# Exercise aim
Please transcribe, exactly and only, the lines of the records below from the one holding "#1548 = CARTESIAN_POINT( '', ( -14.462, 1.05, 5.5" to the very end.

# Dataset records
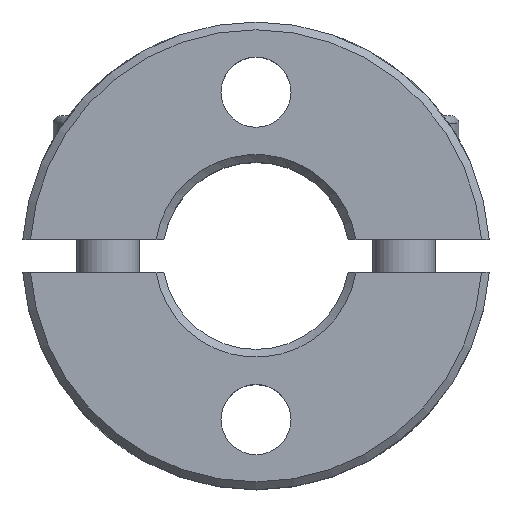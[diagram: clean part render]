
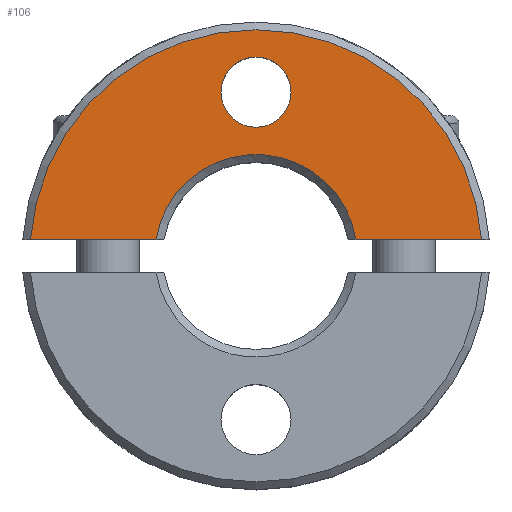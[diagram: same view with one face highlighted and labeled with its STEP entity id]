
A CAD part, top view. The second image highlights one B-rep face of the part: STEP entity #106.
In plain terms, the highlighted planar face has unit normal (0, 0, 1).
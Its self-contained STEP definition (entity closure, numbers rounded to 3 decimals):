
#106 = ADVANCED_FACE( '', ( #215, #216 ), #217, .T. );
#215 = FACE_OUTER_BOUND( '', #365, .T. );
#216 = FACE_BOUND( '', #366, .T. );
#217 = PLANE( '', #367 );
#365 = EDGE_LOOP( '', ( #638, #639, #640, #641 ) );
#366 = EDGE_LOOP( '', ( #642 ) );
#367 = AXIS2_PLACEMENT_3D( '', #643, #644, #645 );
#638 = ORIENTED_EDGE( '', *, *, #865, .F. );
#639 = ORIENTED_EDGE( '', *, *, #904, .T. );
#640 = ORIENTED_EDGE( '', *, *, #899, .F. );
#641 = ORIENTED_EDGE( '', *, *, #854, .F. );
#642 = ORIENTED_EDGE( '', *, *, #894, .T. );
#643 = CARTESIAN_POINT( '', ( 0., 6.5, 5.5 ) );
#644 = DIRECTION( '', ( 0., 0., 1. ) );
#645 = DIRECTION( '', ( 1., 0., 0. ) );
#854 = EDGE_CURVE( '', #988, #989, #990, .T. );
#865 = EDGE_CURVE( '', #1007, #988, #1009, .T. );
#894 = EDGE_CURVE( '', #1059, #1059, #1060, .F. );
#899 = EDGE_CURVE( '', #989, #1068, #1069, .T. );
#904 = EDGE_CURVE( '', #1007, #1068, #1075, .T. );
#988 = VERTEX_POINT( '', #1387 );
#989 = VERTEX_POINT( '', #1388 );
#990 = CIRCLE( '', #1389, 6.5 );
#1007 = VERTEX_POINT( '', #1420 );
#1009 = LINE( '', #1425, #1426 );
#1059 = VERTEX_POINT( '', #1538 );
#1060 = CIRCLE( '', #1539, 2.25 );
#1068 = VERTEX_POINT( '', #1548 );
#1069 = LINE( '', #1549, #1550 );
#1075 = CIRCLE( '', #1561, 14.5 );
#1387 = CARTESIAN_POINT( '', ( 6.415, 1.05, 5.5 ) );
#1388 = CARTESIAN_POINT( '', ( -6.415, 1.05, 5.5 ) );
#1389 = AXIS2_PLACEMENT_3D( '', #1691, #1692, #1693 );
#1420 = CARTESIAN_POINT( '', ( 14.462, 1.05, 5.5 ) );
#1425 = CARTESIAN_POINT( '', ( 17., 1.05, 5.5 ) );
#1426 = VECTOR( '', #1705, 1000. );
#1538 = CARTESIAN_POINT( '', ( 2.25, 10.5, 5.5 ) );
#1539 = AXIS2_PLACEMENT_3D( '', #1749, #1750, #1751 );
#1548 = CARTESIAN_POINT( '', ( -14.462, 1.05, 5.5 ) );
#1549 = CARTESIAN_POINT( '', ( 0., 1.05, 5.5 ) );
#1550 = VECTOR( '', #1762, 1000. );
#1561 = AXIS2_PLACEMENT_3D( '', #1768, #1769, #1770 );
#1691 = CARTESIAN_POINT( '', ( 0., 0., 5.5 ) );
#1692 = DIRECTION( '', ( 0., 0., 1. ) );
#1693 = DIRECTION( '', ( 1., 0., 0. ) );
#1705 = DIRECTION( '', ( -1., 0., 0. ) );
#1749 = CARTESIAN_POINT( '', ( 0., 10.5, 5.5 ) );
#1750 = DIRECTION( '', ( 0., 0., 1. ) );
#1751 = DIRECTION( '', ( 1., 0., 0. ) );
#1762 = DIRECTION( '', ( -1., 0., 0. ) );
#1768 = CARTESIAN_POINT( '', ( 0., 0., 5.5 ) );
#1769 = DIRECTION( '', ( 0., 0., 1. ) );
#1770 = DIRECTION( '', ( 1., 0., 0. ) );

# Reply
#1548 = CARTESIAN_POINT( '', ( -14.462, 1.05, 5.5 ) );
#1549 = CARTESIAN_POINT( '', ( 0., 1.05, 5.5 ) );
#1550 = VECTOR( '', #1762, 1000. );
#1561 = AXIS2_PLACEMENT_3D( '', #1768, #1769, #1770 );
#1691 = CARTESIAN_POINT( '', ( 0., 0., 5.5 ) );
#1692 = DIRECTION( '', ( 0., 0., 1. ) );
#1693 = DIRECTION( '', ( 1., 0., 0. ) );
#1705 = DIRECTION( '', ( -1., 0., 0. ) );
#1749 = CARTESIAN_POINT( '', ( 0., 10.5, 5.5 ) );
#1750 = DIRECTION( '', ( 0., 0., 1. ) );
#1751 = DIRECTION( '', ( 1., 0., 0. ) );
#1762 = DIRECTION( '', ( -1., 0., 0. ) );
#1768 = CARTESIAN_POINT( '', ( 0., 0., 5.5 ) );
#1769 = DIRECTION( '', ( 0., 0., 1. ) );
#1770 = DIRECTION( '', ( 1., 0., 0. ) );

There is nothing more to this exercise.